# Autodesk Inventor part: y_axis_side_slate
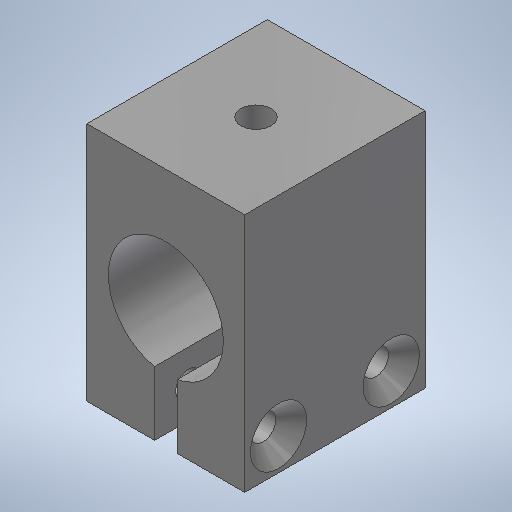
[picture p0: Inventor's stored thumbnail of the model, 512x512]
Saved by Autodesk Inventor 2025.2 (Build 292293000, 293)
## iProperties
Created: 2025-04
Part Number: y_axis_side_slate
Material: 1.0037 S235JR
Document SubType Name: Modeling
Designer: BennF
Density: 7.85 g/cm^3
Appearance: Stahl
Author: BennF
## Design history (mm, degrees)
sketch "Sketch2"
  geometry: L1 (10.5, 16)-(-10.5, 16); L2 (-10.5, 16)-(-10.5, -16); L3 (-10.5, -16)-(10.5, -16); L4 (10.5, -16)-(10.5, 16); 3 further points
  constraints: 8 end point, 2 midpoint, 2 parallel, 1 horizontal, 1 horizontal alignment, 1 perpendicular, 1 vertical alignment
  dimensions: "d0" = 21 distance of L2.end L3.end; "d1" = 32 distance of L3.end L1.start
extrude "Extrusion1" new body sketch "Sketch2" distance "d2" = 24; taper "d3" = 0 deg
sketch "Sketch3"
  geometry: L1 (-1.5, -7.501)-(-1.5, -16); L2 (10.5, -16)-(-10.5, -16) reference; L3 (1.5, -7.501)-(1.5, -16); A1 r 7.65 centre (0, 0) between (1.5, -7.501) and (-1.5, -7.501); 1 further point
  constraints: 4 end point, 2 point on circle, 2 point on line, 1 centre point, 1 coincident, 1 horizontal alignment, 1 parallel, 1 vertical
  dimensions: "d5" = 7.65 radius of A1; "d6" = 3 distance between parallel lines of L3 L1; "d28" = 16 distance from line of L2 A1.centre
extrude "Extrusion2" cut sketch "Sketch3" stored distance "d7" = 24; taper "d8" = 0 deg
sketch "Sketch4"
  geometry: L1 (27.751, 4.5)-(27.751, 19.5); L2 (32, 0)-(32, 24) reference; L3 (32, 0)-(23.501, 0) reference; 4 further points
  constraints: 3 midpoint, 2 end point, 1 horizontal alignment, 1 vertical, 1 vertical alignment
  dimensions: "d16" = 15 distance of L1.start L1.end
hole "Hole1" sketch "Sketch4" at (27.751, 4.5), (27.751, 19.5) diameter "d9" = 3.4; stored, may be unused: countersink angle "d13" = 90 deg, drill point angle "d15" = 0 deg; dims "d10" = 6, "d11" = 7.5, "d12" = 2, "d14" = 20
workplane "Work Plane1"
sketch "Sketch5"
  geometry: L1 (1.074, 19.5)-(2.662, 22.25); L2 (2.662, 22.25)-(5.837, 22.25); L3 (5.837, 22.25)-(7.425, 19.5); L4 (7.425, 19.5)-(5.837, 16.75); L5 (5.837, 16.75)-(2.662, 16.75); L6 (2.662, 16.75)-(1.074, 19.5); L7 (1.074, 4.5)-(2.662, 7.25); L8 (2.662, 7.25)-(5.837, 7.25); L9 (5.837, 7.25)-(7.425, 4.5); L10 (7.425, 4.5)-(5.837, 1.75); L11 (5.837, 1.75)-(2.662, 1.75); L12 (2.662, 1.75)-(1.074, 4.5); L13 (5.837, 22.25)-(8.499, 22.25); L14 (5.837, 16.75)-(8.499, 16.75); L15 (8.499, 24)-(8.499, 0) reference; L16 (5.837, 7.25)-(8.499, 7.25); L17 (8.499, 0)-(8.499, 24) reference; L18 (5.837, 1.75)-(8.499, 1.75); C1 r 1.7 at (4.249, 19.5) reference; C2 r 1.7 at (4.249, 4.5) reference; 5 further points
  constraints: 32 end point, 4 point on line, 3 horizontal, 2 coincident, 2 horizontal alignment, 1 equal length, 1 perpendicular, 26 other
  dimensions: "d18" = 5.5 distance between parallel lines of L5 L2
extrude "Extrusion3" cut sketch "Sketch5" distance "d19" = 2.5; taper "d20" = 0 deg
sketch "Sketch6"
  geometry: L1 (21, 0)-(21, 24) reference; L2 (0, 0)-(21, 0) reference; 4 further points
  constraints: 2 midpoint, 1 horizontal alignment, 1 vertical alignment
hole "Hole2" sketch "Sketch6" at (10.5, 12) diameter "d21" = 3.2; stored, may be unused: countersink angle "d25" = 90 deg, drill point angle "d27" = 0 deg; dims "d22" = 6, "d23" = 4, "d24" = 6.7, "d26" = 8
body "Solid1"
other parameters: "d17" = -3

__Assignment__:
Nothing should appear in the answer except the lines above from the line with "Created: 2025-04" through the line with "geometry: L1 (10.5, 16)-(-10.5, 16);", both included, written out exactly.

__Result below__:
Created: 2025-04
Part Number: y_axis_side_slate
Material: 1.0037 S235JR
Document SubType Name: Modeling
Designer: BennF
Density: 7.85 g/cm^3
Appearance: Stahl
Author: BennF
## Design history (mm, degrees)
sketch "Sketch2"
  geometry: L1 (10.5, 16)-(-10.5, 16); L2 (-10.5, 16)-(-10.5, -16); L3 (-10.5, -16)-(10.5, -16); L4 (10.5, -16)-(10.5, 16); 3 further points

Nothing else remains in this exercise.